Schwäbische Zeitung (Biberach)
Routiniertes aus der französischen Komödienschmiede
„Hereinspaziert!“: Culture-Clash-Komödie mit wenig Witz und Charme
Seit einigen Jahren ist die Komödie im krisengeschüttelten Frankreich das mit Abstand beliebteste Genre. Dabei beziehen viele Erfolgsfilme, allen voran der Megahit „Ziemlich beste Freunde“(2011), ihre Komik aus dem Culture Clash: Menschen verschiedener Herkunft, Religion und Hautfarbe treffen aufeinander, aber nicht die Konflikte, sondern die Gemeinsamkeiten behalten die Oberhand. Wir sind doch alle Menschen, so lautet die versöhnliche Botschaft – auch in „Hereinspaziert!“
Dieses optimistische Motto galt auch für den Blockbuster „Monsieur Claude und seine Töchter“(2014), mit dem Regisseur Philippe de Chauveron und sein Hauptdarsteller Christian Clavier mehr als elf Millionen Zuschauer in die Kinos locken konnten. Das gleiche Gespann legt jetzt mit „Hereinspaziert!“erneut eine Komödie vor. Den Megaerfolg des Vorgängers wird diese lauwarme, vorhersehbare Klamotte voraussichtlich nicht toppen, denn im Vergleich mit dem charmanten Hochzeitsfilm vermisst man als Zuschauer diesmal Esprit und Witz.
Ein wenig zu selbstgefällig spielt der französische Publikumsliebling Christian Clavier (65) den Bestsellerautor Jean-Etienne Fougerole, der sich bei einem TV-Streitgespräch mit einem Populisten zu der Aussage hinreißen lässt, wenn eine hilfsbedürftige Roma-Familie am Tor seiner Luxusvilla stehen würde, wären die Menschen jederzeit bei ihm willkommen.
Zum Entsetzen vor allem von Jean-Etiennes steinreicher Ehefrau Daphné (Elsa Zylberstein) stehen am Abend tatsächlich Familienoberhaupt Babik (Ary Abittan) und seine neunköpfige Sippe vor der Tür des wohlhabenden Linken. Zähneknirschend bietet Jean-Etienne seinen gepflegten englischen Rasen als Stellplatz für den kaputten Wohnwagen der Roma-Sippe an. Und sein pubertierender Sohn Lionel (Oscar Berthe) knüpft derweil schon einmal zarte Bande zur bildhübschen Tochter des autoritären Patriarchen Babik.
Natürlich sind die Charaktere politisch weitgehend korrekt gezeichnet. Roma-Chef Babik ist ein herzensguter Mensch. Geklaut wird nur, wenn es der Familie zum Überleben hilft. Als dieser Babik auf Betreiben von Jean-Etienne einen Job als Museumswächter erhält, erweist sich der struppige Typ in Uniform als knallharter Mann des Getzes. Dagegen bemühen sich die Drehbuchautoren nach Kräften, den eitlen Salonlinken Jean-Etienne zu entlarven.

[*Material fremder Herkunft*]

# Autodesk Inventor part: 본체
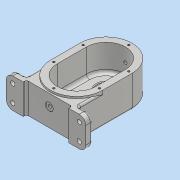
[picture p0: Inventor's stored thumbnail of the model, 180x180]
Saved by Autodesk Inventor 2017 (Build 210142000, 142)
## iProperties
Part Number: 본체
Material: 알루미늄 6061
Document SubType Name: Modeling
Designer: MRC
Density: 2.7 g/cm^3
Appearance: 알루미늄 - 평지
Mass: 756.754 g
Surface Area: 581.829 cm^2
Volume: 280.279 cm^3
Author: MRC
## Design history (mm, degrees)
sketch "스케치1"
  geometry: L1 (0, 0)-(0, -45); L2 (-40, 0)-(-40, -45); L3 (40, -45)-(40, 0); A1 r 40 centre (0, 0) between (40, 0) and (-40, 0); A2 r 40 centre (0, -45) between (-40, -45) and (40, -45); 1 further point
  constraints: 8 end point, 4 point on circle, 4 tangent, 2 centre point, 1 midpoint, 1 parallel, 1 vertical
  dimensions: "d0" = 45 distance of L1.start L1.end; "d1" = 80 diameter of A2
extrude "돌출1" new body sketch "스케치1" distance "d2" = 21; taper "d4" = 0 deg; dims "d3" = 28, "d5" = 0
sketch "스케치2"
  geometry: L1 (0, 0)-(0, -45); L2 (-30, 0)-(-30, -45); L3 (30, -45)-(30, 0); A1 r 40 centre (0, -45) between (-40, -45) and (40, -45) reference; A2 r 40 centre (0, 0) between (40, 0) and (-40, 0) reference; A3 r 30 centre (0, 0) between (30, 0) and (-30, 0); A4 r 30 centre (0, -45) between (-30, -45) and (30, -45); 1 further point
  constraints: 8 end point, 4 point on circle, 4 tangent, 2 centre point, 1 midpoint, 1 parallel, 1 vertical
  dimensions: "d6" = 30 radius of A3
extrude "돌출2" cut sketch "스케치2" distance "d7" = 41; taper "d8" = 0 deg
sketch "스케치3"
  geometry: L1 (0, 0)-(0, -45); L2 (-26, 0)-(-26, -45); L3 (26, -45)-(26, 0); A1 r 40 centre (0, 0) between (40, 0) and (-40, 0) reference; A2 r 40 centre (0, -45) between (-40, -45) and (40, -45) reference; A3 r 26 centre (0, 0) between (26, 0) and (-26, 0); A4 r 26 centre (0, -45) between (-26, -45) and (26, -45); 1 further point
  constraints: 8 end point, 4 point on circle, 4 tangent, 2 centre point, 1 midpoint, 1 parallel, 1 vertical
  dimensions: "d9" = 52 diameter of A4
extrude "돌출3" join sketch "스케치3" distance "d10" = 11; taper "d11" = 0 deg
sketch "스케치4"
  geometry: L1 (-26, 0)-(-26, -45) reference; L2 (26, -45)-(26, 0) reference; L3 (-26, -30)-(26, -30); A1 r 26 centre (0, 0) between (26, 0) and (-26, 0) reference
  constraints: 2 end point, 2 point on line, 1 perpendicular
  dimensions: "d12" = 30 distance from line of A1.centre L3
extrude "돌출4" cut sketch "스케치4" distance "d13" = 3; taper "d14" = 0 deg
hole "구멍1" diameter "d17" = 22; stored, may be unused: countersink angle "d21" = 90 deg, drill point angle "d23" = 118 deg; dims "d15" = 10, "d16" = 10, "d18" = 6, "d19" = 28, "d20" = 8, "d22" = 8
sketch "스케치5"
  geometry: C1 r 11 at (0, 0) reference; C2 r 14 at (0, 0); A1 r 26 centre (0, 0) between (26, 0) and (-26, 0) reference
  constraints: 1 centre point, 1 coincident
  dimensions: "d24" = 28 diameter of C2
extrude "돌출5" cut sketch "스케치5" distance "d25" = 4; taper "d26" = 0 deg
hole "구멍2" diameter "d32" = 20; stored, may be unused: countersink angle "d36" = 90 deg, drill point angle "d38" = 0 deg; dims "d30" = 10, "d31" = 10, "d33" = 6, "d34" = 28, "d35" = 8, "d37" = 12
fillet "모깎기1" dims "d39" = 3
fillet "모깎기2" dims "d40" = 0.3
chamfer "모따기2" distance "d41" = 1; stored, may be unused: second distance "d42" = 2, angle "d43" = 45 deg
sketch "스케치6"
  geometry: L1 (-40, 0)-(-40, -45) reference; L2 (-40, -45)-(-40, -82); L3 (-40, -82)-(-61, -82); L4 (-61, -82)-(-61, -92); L5 (-61, -92)-(61, -92); L6 (61, -92)-(61, -82); L7 (61, -82)-(40, -82); L8 (-40, -82)-(-40, -45); L9 (40, -45)-(40, -82); A1 r 26 centre (0, 0) between (26, 0) and (-26, 0) reference; A2 r 40 centre (0, -45) between (-40, -45) and (40, -45) reference; A3 r 40 centre (0, -45) between (-40, -45) and (40, -45) reference; 1 further point
  constraints: 16 end point, 5 perpendicular, 5 tangent, 3 point on line, 1 collinear, 1 midpoint, 1 vertical, 1 vertical alignment
  dimensions: "d44" = 10 distance of L5.end L6.end; "d45" = 92 distance from line of L5 A1.centre; "d46" = 122 distance of L4.end L5.end
extrude "돌출6" join sketch "스케치6" distance "d47" = 46; taper "d48" = 0 deg
sketch "스케치7"
  geometry: L1 (-61, -92)-(61, -92) reference; L2 (-35, -87)-(35, -87); L3 (35, -87)-(35, -92); L4 (35, -92)-(-35, -92); L5 (-35, -92)-(-35, -87); 1 further point
  constraints: 8 end point, 2 midpoint, 2 parallel, 1 horizontal, 1 perpendicular
  dimensions: "d49" = 70 distance of L3.end L4.end; "d50" = 5 distance of L2.end L3.end
extrude "돌출7" cut sketch "스케치7" stored distance "d51" = 46; taper "d52" = 0 deg
sketch "스케치10"
  geometry: A1 r 26 centre (0, 0) between (26, 0) and (-26, 0) reference; 1 further point
  constraints: 1 vertical alignment
  dimensions: "d75" = 20 distance of A1.centre point (0, 20)
hole "구멍5" sketch "스케치10" at (0, 20) diameter "d76" = 3.242; stored, may be unused: countersink angle "d80" = 90 deg, drill point angle "d82" = 118 deg; dims "d77" = 8, "d78" = 28, "d79" = 8, "d81" = 10
fillet "모깎기3" dims "d86" = 10
sketch "스케치11"
  geometry: A1 r 10 centre (-11, 10) between (-21, 10) and (-11, 0) reference; A2 r 10 centre (-11, 36) between (-11, 46) and (-21, 36) reference; 3 further points
  constraints: 2 coincident
hole "구멍6" sketch "스케치11" at (-11, 36), (-11, 10) diameter "d87" = 6.6; stored, may be unused: countersink angle "d91" = 90 deg, drill point angle "d93" = 118 deg; dims "d88" = 8, "d89" = 11, "d90" = 2, "d92" = 10
fillet "모깎기4" dims "d94" = 3
node "작업 평면1"
sketch "스케치12"
  geometry: C1 r 6 at (35, 28); 1 further point
  constraints: 1 centre point, 1 coincident
  dimensions: "d96" = 12 diameter of C1
extrude "돌출8" join sketch "스케치12" stored distance "d97" = 46; taper "d98" = 0 deg
hole "구멍7" diameter "d101" = 4.917; stored, may be unused: countersink angle "d105" = 90 deg, drill point angle "d107" = 118 deg; dims "d99" = 10, "d100" = 10, "d102" = 12, "d103" = 11, "d104" = 2, "d106" = 17.1
sketch "스케치14"
  geometry: L1 (-51, -92)-(-35, -92) reference; L2 (-32, -87)-(32, -87) reference; 2 further points
  constraints: 1 midpoint, 1 vertical alignment, 1 other
  dimensions: "d126" = 12 distance from line of point (0, -80) L1
feature "엠보싱1" sketch "스케치14" dims "d0" = 45, "d1" = 80, "d127" = 0.5, "d128" = 0
sketch "스케치16"
  geometry: C1 r 14 at (0, -45) reference; 7 further points
hole "구멍10" sketch "스케치16" at (0, 35), (0, -80), (-35, 0), (35, 0), (-35, -45), (35, -45) diameter "d132" = 3.242; stored, may be unused: countersink angle "d136" = 90 deg, drill point angle "d138" = 118 deg; dims "d133" = 8, "d134" = 4, "d135" = 2, "d137" = 10
sketch "스케치17"
  geometry: L1 (72, 49)-(-8, 49) reference; 2 further points
  constraints: 1 coincident
  dimensions: "d139" = 21 distance from line of point (32, 28) L1
hole "구멍11" sketch "스케치17" at (32, 28) diameter "d140" = 4.917; stored, may be unused: countersink angle "d144" = 90 deg, drill point angle "d146" = 0 deg; dims "d141" = 12, "d142" = 12, "d143" = 1, "d145" = 17.1
fillet "모깎기5" dims "d147" = 3
fillet "모깎기6" dims "d148" = 5
node "솔리드1"
pattern_circular "원형 패턴3" dims angle "d84" = 360 deg
mirror "미러1"
other parameters: "d95" = -135

Aber auch diese allseitige Harmonie konnte nicht verhindern, dass dem Film beim Kinostart in Frankreich Rassismus vorgeworfen wurde. In der Tat sind es die altbekannten Stereotype, mit denen die Roma-Sippe charakterisiert wird. Aber schlimmer noch als dieser Vorwurf wiegt für die Zuschauer die Tatsache, dass „Hereinspaziert!“über weite Strecken einfach nicht witzig ist. Ein Film vom Reißbrett, routiniert, aber uninspiriert herabgespult. (dpa)
Hereinspaziert! Regie: Philippe de Chauveron. Mit Christian Clavier, Ary Abittan, Elsa Zylberstein. Frankreich 2017. 93 Minuten. FSK ab 6.